We talked it over and Elfrieda thought of a solution to our dilemma. She told us to drive on, and to go directly to the home of a Navajo medicine man. There we had a special prayer service. The medicine man took hot coals from his wood burning stove, placed them on a metal dish on the floor. We all sat around the coals while he spoke prayers in the Navajo tongue. As he chanted, he sprinkled dried cedar on the coals. The cedar crackled as it burned and gave off a wonderful aroma. The medicine man used an eagle feather to wave the smoke over all three of us.

We went home that night, confident that the evil spirit that haunted us was, at last done away with and we were all safe.

The following day, however, Elfrieda appeared, her face ashen. "It happened again," she cried. "Another coyote ran across the road in front of me. Now I know that it is me that is causing this thing."

Elfrieda and her husband traveled that very day to the Hopi Reservation where they consulted a medicine man whom they considered capable of dealing with this kind of problem. This man performed a ritual, touched Elfrienda's hand, and by sensing her energy, revealed the cause of the trouble.

This ritual was very secret and we were not allowed to attend the ceremony. Obviously, we were anxious to learn the conclusion to this strange story.

We were told that someone had placed a curse on this woman and her husband. The Hopi medicine man told them to look inside their truck. There, he said they would find a ball of something with hair and paper in it, a black magician's hex, stuffed somewhere near the seat on the driver's side. This thing contained an evil spirit, which, if not removed, could cause the driver of the vehicle to have a serious accident.

He told them a second hex was placed somewhere in the dirt near a hogan, directly beside their home.

Although it was winter, we were enjoying a warm and sunny day, so we went to work. We looked everywhere in the truck and found nothing. Next we removed the seats. Everything was carefully examined, but no furry ball of anything was found.

Next, we removed the plastic walls inside the truck cab. There it was. A large mass of wadded paper and hair was removed and burned. It was located just where the medicine man said it would be, directly behind the fold-down back seat, on the driver's side.

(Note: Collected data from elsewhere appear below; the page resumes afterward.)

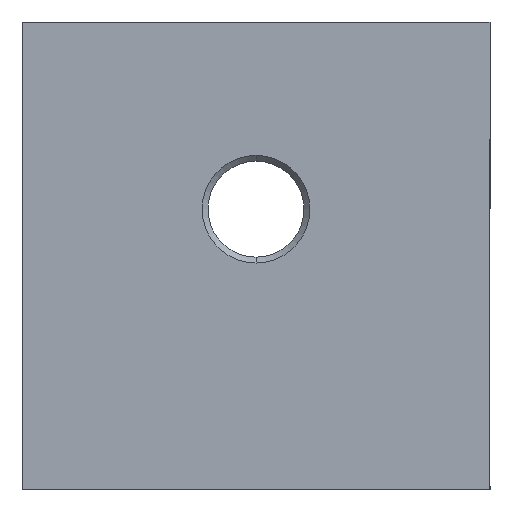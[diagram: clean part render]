
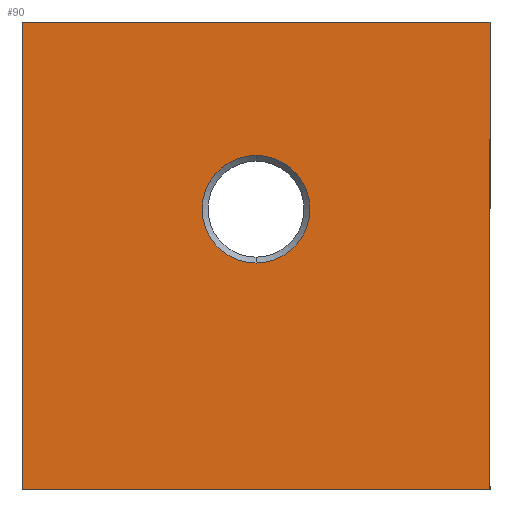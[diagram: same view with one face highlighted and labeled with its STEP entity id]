
A CAD part, front view. The second image highlights one B-rep face of the part: STEP entity #90.
In plain terms, the highlighted planar face has unit normal (0, -1, 0).
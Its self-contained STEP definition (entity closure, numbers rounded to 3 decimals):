
#6 = CARTESIAN_POINT ( 'NONE',  ( 0., 0., 4. ) ) ;
#26 = CARTESIAN_POINT ( 'NONE',  ( 0., 0., 0. ) ) ;
#29 = ORIENTED_EDGE ( 'NONE', *, *, #76, .T. ) ;
#60 = VECTOR ( 'NONE', #662, 1000. ) ;
#61 = CARTESIAN_POINT ( 'NONE',  ( 0., 0., 4. ) ) ;
#74 = DIRECTION ( 'NONE',  ( 0., 0., 1. ) ) ;
#76 = EDGE_CURVE ( 'NONE', #793, #212, #399, .T. ) ;
#83 = LINE ( 'NONE', #650, #639 ) ;
#90 = ADVANCED_FACE ( 'NONE', ( #710, #375 ), #142, .F. ) ;
#106 = LINE ( 'NONE', #437, #638 ) ;
#117 = DIRECTION ( 'NONE',  ( 0., 0., 1. ) ) ;
#119 = EDGE_CURVE ( 'NONE', #736, #296, #864, .T. ) ;
#129 = ORIENTED_EDGE ( 'NONE', *, *, #211, .F. ) ;
#142 = PLANE ( 'NONE',  #682 ) ;
#155 = ORIENTED_EDGE ( 'NONE', *, *, #190, .F. ) ;
#163 = EDGE_LOOP ( 'NONE', ( #505, #129, #155, #191 ) ) ;
#190 = EDGE_CURVE ( 'NONE', #504, #368, #106, .T. ) ;
#191 = ORIENTED_EDGE ( 'NONE', *, *, #575, .F. ) ;
#211 = EDGE_CURVE ( 'NONE', #368, #736, #83, .T. ) ;
#212 = VERTEX_POINT ( 'NONE', #537 ) ;
#243 = CARTESIAN_POINT ( 'NONE',  ( 0., 0., 8.6 ) ) ;
#275 = CARTESIAN_POINT ( 'NONE',  ( -20., 0., 20. ) ) ;
#286 = EDGE_LOOP ( 'NONE', ( #691, #29 ) ) ;
#287 = DIRECTION ( 'NONE',  ( 0., 1., 0. ) ) ;
#291 = EDGE_CURVE ( 'NONE', #212, #793, #738, .T. ) ;
#296 = VERTEX_POINT ( 'NONE', #721 ) ;
#368 = VERTEX_POINT ( 'NONE', #275 ) ;
#375 = FACE_OUTER_BOUND ( 'NONE', #163, .T. ) ;
#391 = DIRECTION ( 'NONE',  ( 0., 0., 1. ) ) ;
#399 = CIRCLE ( 'NONE', #515, 4.6 ) ;
#437 = CARTESIAN_POINT ( 'NONE',  ( -20., 0., -20. ) ) ;
#445 = CARTESIAN_POINT ( 'NONE',  ( -20., 0., -20. ) ) ;
#478 = DIRECTION ( 'NONE',  ( 0., 1., 0. ) ) ;
#504 = VERTEX_POINT ( 'NONE', #445 ) ;
#505 = ORIENTED_EDGE ( 'NONE', *, *, #119, .F. ) ;
#515 = AXIS2_PLACEMENT_3D ( 'NONE', #6, #478, #74 ) ;
#520 = CARTESIAN_POINT ( 'NONE',  ( 20., 0., 20. ) ) ;
#534 = DIRECTION ( 'NONE',  ( 0., 1., 0. ) ) ;
#537 = CARTESIAN_POINT ( 'NONE',  ( 0., 0., -0.6 ) ) ;
#542 = DIRECTION ( 'NONE',  ( 0., 0., -1. ) ) ;
#575 = EDGE_CURVE ( 'NONE', #296, #504, #576, .T. ) ;
#576 = LINE ( 'NONE', #861, #60 ) ;
#588 = VECTOR ( 'NONE', #542, 1000. ) ;
#599 = DIRECTION ( 'NONE',  ( 1., 0., 0. ) ) ;
#638 = VECTOR ( 'NONE', #391, 1000. ) ;
#639 = VECTOR ( 'NONE', #599, 1000. ) ;
#650 = CARTESIAN_POINT ( 'NONE',  ( -20., 0., 20. ) ) ;
#662 = DIRECTION ( 'NONE',  ( -1., 0., 0. ) ) ;
#682 = AXIS2_PLACEMENT_3D ( 'NONE', #26, #287, #759 ) ;
#691 = ORIENTED_EDGE ( 'NONE', *, *, #291, .T. ) ;
#709 = AXIS2_PLACEMENT_3D ( 'NONE', #61, #534, #117 ) ;
#710 = FACE_BOUND ( 'NONE', #286, .T. ) ;
#721 = CARTESIAN_POINT ( 'NONE',  ( 20., 0., -20. ) ) ;
#736 = VERTEX_POINT ( 'NONE', #520 ) ;
#738 = CIRCLE ( 'NONE', #709, 4.6 ) ;
#759 = DIRECTION ( 'NONE',  ( 0., 0., 1. ) ) ;
#793 = VERTEX_POINT ( 'NONE', #243 ) ;
#822 = CARTESIAN_POINT ( 'NONE',  ( 20., 0., -20. ) ) ;
#861 = CARTESIAN_POINT ( 'NONE',  ( -20., 0., -20. ) ) ;
#864 = LINE ( 'NONE', #822, #588 ) ;

We found it strange that the truck did not appear to have been tampered with. To remove that upholstery, we had to spend a lot of time removing a lot of very small screws. It seemed that the seats and the plastic interior were the way they were when the truck came from the factory. Yet somehow, that evil ball of hair and paper had been magically placed between the interior and metal exterior walls of that truck cab.

Next we explored the earth near the front door of the hogan. After some amount of digging, a second ball of hair and paper was found. This also was destroyed.

Was the hex real? To the Navajo, these kinds of things are all taken very seriously. They live in an esoteric world of magic and spells that might baffle the mind of most outside observers. All this writer can say is that the woman stopped seeing coyotes on the road and to this day, no serious trouble has fallen on her or her family.